I awoke early after the most vivid, full colour, horrifying nightmare... I was in a train crash... and I awoke hanging over the cliff edge... honestly, horrifying, so real, so vivid, so full colour and so repeated throughout the night....
Did I mention at all that this online Zui back to back is HARD! Flip... it is darn hard... if I am not in a Zui, I'm in a hangout, or preparing for or following up on one... and today... well today... I ended the day feeling quite broken...
I was working with a buddy and we had completed some great work and we decided to sign off early and bike... well, that was until I checked my emails... and one of the schools I have been struggling to get a response from responded and an hour and a half later I closed my laptop and got on my bike... Hmmm I really needed that... 15km, home just on dark... good for my ticker... and my mind. So a bit of a reflection on the day that led to this.
Today started early with an alarm set. Off and away with my bobble buddy for 'Incident Prevention Patrol'. Such a privilege to get out and about, and also awesome to get so much more of an insight into his world.
The view back down the hill, across to our home.
Another very busy day. A real highlight in the day was our weekly session with Dr Lucy Hone and Dr Denise Quinlan from NZIWR. Today we were in a Zoom, spent time in breakout rooms chatting with colleagues. These sessions are invaluable for not only our well being, but for us to share with our educators who are working so incredibly hard to meet needs in this very surreal time.
I really enjoyed the opportunity to reflect before, during and after our session today.
We explored positive emotions today. "This rāhui is a season." It is important for us to be aware of what we are paying attention to.
What is new and different now?
Where have I felt bored, frustrated or stuck in this past week?
How am I using this feeling as a doorway to a new opportunity or solution?
How do I increase my experience of positive emotion?
I need to broaden my attention and thinking with improved problem solving and increased perception.
I need to build enduring personal resources: physical, social, mental, psychological.
Positive emotions affect performance and wellbeing.
Positive emotions have an 'undo effect', that helps us recover more rapidly.

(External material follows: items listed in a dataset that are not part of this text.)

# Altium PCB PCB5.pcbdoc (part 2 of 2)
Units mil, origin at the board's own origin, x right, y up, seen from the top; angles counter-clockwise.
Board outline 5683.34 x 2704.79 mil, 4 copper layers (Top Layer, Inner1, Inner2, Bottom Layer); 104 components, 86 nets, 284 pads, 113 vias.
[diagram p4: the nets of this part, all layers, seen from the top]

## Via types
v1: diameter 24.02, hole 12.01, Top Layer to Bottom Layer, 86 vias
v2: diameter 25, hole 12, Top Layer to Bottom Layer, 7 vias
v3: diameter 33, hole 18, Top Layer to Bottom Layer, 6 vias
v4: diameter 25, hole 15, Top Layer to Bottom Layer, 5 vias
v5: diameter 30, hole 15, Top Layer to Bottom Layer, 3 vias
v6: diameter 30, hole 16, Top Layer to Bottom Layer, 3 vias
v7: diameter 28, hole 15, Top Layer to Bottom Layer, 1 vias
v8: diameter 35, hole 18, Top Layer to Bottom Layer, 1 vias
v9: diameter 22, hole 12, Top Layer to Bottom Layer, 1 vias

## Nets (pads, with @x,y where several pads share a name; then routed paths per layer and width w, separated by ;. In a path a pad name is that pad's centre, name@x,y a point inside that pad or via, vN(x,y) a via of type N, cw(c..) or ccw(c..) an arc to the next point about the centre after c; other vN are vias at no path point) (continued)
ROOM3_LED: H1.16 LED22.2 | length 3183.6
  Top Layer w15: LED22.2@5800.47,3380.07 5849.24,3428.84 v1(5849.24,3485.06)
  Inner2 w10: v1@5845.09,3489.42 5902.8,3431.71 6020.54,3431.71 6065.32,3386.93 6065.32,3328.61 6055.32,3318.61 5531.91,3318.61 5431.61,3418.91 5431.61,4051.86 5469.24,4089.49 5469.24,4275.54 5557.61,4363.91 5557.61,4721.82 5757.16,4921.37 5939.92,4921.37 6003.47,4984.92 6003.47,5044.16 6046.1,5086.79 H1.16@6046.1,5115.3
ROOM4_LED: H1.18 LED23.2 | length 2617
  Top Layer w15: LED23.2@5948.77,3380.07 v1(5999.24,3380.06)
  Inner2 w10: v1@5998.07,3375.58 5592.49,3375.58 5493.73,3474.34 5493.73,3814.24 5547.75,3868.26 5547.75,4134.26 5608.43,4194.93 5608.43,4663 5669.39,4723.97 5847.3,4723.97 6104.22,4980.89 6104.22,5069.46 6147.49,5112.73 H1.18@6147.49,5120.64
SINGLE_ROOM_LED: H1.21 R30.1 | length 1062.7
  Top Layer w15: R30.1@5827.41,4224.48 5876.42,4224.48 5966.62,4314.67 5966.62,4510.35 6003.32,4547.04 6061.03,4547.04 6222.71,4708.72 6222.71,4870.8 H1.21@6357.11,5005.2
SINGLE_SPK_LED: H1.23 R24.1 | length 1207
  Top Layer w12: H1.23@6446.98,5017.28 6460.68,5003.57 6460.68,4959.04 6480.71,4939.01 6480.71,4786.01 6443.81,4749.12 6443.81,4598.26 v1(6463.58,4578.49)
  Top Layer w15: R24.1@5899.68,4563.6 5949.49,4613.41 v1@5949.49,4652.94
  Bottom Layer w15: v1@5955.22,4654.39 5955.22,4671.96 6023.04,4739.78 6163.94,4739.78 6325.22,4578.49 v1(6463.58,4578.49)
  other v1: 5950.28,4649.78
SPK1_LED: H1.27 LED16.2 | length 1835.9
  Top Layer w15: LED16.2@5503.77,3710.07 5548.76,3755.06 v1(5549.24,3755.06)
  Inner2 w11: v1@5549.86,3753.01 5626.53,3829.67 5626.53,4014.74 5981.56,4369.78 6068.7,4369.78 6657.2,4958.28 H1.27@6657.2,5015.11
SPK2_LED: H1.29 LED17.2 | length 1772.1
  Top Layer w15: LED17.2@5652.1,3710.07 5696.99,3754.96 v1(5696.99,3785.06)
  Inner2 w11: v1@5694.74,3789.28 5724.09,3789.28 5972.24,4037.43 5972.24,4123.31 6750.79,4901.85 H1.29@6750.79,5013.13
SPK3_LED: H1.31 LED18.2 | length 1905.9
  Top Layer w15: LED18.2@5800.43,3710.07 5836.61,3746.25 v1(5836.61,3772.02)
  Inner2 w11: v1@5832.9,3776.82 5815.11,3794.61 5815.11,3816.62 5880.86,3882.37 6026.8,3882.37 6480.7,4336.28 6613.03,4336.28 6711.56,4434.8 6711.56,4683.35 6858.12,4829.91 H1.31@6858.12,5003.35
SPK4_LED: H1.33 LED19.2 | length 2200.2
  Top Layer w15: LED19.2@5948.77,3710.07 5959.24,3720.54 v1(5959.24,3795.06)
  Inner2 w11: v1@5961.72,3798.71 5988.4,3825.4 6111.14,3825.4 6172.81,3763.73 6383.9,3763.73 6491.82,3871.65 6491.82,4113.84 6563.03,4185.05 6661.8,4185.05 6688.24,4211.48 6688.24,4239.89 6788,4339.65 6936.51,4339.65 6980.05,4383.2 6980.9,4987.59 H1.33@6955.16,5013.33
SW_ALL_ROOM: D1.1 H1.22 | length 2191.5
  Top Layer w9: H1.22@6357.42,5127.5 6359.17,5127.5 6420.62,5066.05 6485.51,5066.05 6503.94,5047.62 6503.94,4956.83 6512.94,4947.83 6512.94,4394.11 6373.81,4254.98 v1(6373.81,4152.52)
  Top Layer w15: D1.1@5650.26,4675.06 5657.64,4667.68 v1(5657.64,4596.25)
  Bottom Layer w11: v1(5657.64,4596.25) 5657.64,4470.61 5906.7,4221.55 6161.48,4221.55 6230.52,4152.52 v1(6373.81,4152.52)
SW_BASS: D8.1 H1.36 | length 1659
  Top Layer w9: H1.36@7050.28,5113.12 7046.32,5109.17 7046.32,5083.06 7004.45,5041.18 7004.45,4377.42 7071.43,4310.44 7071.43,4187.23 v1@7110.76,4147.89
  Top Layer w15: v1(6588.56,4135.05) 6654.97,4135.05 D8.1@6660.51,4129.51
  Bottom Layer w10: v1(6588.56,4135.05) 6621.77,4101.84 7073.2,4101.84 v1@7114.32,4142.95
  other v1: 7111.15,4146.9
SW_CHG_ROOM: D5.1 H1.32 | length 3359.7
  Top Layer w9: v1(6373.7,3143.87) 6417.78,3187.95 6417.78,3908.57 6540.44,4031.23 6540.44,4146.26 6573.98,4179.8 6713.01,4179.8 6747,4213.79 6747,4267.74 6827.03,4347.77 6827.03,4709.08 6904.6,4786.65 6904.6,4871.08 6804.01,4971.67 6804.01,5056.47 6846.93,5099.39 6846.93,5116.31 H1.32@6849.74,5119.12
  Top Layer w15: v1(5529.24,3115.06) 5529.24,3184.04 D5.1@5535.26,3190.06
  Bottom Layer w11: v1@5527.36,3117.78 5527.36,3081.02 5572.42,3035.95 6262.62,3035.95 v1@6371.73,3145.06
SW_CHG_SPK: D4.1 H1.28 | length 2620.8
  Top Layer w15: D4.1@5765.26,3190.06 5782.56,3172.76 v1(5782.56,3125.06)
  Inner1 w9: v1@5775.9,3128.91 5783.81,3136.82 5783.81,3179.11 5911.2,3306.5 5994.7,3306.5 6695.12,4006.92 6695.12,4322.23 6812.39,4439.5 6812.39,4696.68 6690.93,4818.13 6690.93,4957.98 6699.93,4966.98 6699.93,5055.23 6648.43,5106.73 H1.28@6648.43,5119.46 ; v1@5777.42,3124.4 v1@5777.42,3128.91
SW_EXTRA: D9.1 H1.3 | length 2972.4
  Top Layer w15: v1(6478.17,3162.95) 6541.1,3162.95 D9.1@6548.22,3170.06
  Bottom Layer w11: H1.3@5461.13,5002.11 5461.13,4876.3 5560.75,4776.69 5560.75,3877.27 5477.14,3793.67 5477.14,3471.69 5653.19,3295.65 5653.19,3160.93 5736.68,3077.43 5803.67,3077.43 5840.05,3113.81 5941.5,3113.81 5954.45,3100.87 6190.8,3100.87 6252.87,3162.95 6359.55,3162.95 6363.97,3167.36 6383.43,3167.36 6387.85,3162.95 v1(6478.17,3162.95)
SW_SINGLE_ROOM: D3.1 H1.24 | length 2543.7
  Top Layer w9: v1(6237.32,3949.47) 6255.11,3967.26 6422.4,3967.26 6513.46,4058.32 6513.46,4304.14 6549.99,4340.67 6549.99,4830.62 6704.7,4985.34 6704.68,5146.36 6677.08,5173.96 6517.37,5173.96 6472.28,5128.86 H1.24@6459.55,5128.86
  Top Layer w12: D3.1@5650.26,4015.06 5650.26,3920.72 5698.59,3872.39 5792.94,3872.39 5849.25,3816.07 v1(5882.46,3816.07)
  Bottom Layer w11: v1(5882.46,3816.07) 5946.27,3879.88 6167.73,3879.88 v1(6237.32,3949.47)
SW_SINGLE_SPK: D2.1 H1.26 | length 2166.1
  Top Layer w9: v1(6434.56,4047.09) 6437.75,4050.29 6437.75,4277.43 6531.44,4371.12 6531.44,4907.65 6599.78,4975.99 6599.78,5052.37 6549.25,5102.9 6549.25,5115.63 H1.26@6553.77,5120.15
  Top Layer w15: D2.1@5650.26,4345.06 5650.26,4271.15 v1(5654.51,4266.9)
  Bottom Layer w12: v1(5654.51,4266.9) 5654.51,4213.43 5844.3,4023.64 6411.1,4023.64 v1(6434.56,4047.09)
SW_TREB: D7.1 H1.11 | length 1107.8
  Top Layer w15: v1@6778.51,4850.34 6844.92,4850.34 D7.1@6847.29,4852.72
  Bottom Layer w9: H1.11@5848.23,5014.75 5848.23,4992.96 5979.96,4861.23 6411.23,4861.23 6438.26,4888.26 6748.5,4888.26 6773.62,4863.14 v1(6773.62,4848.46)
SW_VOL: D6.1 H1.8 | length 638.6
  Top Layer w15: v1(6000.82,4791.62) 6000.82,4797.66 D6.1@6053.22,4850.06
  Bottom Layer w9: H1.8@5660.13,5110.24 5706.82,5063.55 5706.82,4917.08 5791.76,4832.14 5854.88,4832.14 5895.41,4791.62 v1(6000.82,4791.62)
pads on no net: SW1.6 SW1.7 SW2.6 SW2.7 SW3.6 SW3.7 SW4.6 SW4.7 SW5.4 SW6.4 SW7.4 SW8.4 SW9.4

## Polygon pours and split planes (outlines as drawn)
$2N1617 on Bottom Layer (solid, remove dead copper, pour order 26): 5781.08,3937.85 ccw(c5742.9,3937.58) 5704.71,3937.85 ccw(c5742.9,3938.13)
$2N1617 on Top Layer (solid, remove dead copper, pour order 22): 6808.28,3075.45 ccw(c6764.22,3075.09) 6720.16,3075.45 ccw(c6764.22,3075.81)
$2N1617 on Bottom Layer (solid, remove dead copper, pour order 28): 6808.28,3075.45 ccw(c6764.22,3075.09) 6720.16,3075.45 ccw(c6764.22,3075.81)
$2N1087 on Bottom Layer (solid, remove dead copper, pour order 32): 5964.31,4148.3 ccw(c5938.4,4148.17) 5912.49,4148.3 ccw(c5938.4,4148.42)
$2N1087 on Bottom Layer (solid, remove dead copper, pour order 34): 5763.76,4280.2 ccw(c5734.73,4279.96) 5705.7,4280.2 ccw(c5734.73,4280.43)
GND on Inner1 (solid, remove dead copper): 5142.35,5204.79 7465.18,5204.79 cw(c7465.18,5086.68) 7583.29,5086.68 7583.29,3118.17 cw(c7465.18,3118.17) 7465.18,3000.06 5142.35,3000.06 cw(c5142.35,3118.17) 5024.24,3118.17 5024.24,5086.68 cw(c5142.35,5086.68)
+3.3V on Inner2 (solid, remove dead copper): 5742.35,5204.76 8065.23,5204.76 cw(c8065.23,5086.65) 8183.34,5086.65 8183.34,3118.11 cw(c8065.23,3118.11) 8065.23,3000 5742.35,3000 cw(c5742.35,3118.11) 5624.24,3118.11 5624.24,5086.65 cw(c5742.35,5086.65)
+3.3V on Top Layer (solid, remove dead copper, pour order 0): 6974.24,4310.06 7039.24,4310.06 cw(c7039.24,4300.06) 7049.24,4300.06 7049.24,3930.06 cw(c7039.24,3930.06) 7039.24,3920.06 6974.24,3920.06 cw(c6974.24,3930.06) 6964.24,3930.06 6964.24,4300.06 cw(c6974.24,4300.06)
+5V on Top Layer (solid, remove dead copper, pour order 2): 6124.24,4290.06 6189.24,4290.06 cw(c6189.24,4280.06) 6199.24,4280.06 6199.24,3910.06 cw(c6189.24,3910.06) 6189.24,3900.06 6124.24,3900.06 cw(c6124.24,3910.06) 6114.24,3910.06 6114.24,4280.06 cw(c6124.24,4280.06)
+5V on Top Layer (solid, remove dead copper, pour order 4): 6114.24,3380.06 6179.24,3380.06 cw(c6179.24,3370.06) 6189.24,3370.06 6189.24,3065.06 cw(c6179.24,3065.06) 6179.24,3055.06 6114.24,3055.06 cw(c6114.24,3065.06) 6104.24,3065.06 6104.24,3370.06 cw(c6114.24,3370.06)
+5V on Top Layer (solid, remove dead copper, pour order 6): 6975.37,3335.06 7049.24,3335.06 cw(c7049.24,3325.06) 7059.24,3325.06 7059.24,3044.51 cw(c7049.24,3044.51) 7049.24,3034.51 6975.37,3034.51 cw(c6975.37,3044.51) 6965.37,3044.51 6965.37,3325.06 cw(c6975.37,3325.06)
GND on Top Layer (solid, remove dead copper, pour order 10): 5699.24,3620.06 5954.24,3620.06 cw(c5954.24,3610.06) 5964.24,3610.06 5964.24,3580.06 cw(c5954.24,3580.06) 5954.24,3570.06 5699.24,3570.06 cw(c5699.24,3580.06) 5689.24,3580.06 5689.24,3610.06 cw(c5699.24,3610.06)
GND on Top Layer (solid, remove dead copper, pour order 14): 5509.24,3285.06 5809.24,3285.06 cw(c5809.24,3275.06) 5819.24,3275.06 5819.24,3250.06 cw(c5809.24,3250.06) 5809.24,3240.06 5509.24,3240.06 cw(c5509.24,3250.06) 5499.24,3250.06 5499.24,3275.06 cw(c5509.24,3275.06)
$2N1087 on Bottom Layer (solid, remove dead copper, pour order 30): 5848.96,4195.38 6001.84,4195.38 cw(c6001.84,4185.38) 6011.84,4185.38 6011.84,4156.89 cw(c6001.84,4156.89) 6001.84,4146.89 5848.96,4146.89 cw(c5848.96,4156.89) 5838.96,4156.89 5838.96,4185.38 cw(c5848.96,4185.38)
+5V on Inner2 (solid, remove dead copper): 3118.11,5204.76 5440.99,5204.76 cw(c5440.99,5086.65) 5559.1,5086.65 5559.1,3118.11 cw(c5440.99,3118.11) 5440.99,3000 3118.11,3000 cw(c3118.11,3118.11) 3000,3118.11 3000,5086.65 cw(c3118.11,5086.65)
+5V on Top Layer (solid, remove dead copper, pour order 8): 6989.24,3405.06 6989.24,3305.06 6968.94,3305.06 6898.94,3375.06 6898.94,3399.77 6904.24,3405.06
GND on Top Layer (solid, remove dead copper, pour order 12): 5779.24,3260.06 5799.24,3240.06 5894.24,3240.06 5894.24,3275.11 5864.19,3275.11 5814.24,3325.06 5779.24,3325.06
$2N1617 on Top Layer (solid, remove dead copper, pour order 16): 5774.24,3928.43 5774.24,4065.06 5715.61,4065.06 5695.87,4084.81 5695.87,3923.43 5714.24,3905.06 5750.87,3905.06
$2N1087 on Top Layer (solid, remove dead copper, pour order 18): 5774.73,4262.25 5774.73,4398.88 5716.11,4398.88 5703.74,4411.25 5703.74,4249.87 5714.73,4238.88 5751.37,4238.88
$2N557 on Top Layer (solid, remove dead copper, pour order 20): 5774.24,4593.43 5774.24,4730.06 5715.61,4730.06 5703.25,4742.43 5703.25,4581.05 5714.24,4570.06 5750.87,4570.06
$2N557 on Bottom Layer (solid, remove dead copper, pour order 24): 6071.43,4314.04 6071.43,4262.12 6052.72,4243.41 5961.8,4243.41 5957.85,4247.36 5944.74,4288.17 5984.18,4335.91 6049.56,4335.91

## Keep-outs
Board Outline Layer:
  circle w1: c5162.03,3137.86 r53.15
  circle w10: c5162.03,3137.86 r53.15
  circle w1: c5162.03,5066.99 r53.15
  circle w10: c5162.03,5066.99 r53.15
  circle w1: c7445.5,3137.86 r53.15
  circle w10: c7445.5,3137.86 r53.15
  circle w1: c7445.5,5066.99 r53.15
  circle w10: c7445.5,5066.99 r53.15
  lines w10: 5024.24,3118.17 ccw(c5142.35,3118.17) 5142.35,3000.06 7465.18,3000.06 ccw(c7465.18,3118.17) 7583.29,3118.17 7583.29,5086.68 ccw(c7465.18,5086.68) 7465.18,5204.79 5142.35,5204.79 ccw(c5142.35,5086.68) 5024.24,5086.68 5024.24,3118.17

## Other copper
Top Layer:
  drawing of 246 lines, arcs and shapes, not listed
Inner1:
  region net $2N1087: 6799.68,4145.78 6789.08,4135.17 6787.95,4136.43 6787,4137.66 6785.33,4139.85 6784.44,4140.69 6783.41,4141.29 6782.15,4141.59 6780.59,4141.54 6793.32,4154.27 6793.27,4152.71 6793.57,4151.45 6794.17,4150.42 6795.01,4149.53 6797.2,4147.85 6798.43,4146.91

Noticing strengths and putting attention on what's good and what is working well.
Benefits are in finding us noticing the silver linings in tough times.
What am I hoping for now? Coping, perseverance, wellbeing...
What personal, whānau strengths am I drawing on?
What silver linings/benefits am I finding?
What am I hoping for now?
Seeking evidence of positive emotions...
What an incredible session. Thank you Lucy and Denise. We are so privileged to have your support.
So the rest of the tough afternoon of meetings should melt away...
I slammed my laptop at 4.45 and hopped on my bike, off down the drive to find I had a puncture... pushed bike back up the drive... swapped for bubble buddy's bike and off I went...
How awesome is this site in the setting sun. So in awe of each and every person who is taking time to keep us entertained... be it teddy bears, jokes, memes, ... you are all amazing.
Autumn, you stunning beauty..... love this patch of poplars... how it has changed in this time of ISO. I have walked, run and now cycled this route many times over the past four weeks and the leaves are like a clock... ticking through the seasons.
A rear site lately. A small plan coming into land at the Taieri Airstrip.
15km later and I made it home just as the light was disappearing...
Today's lesson: "This rāhui is a season." Just like autumn... it too will pass.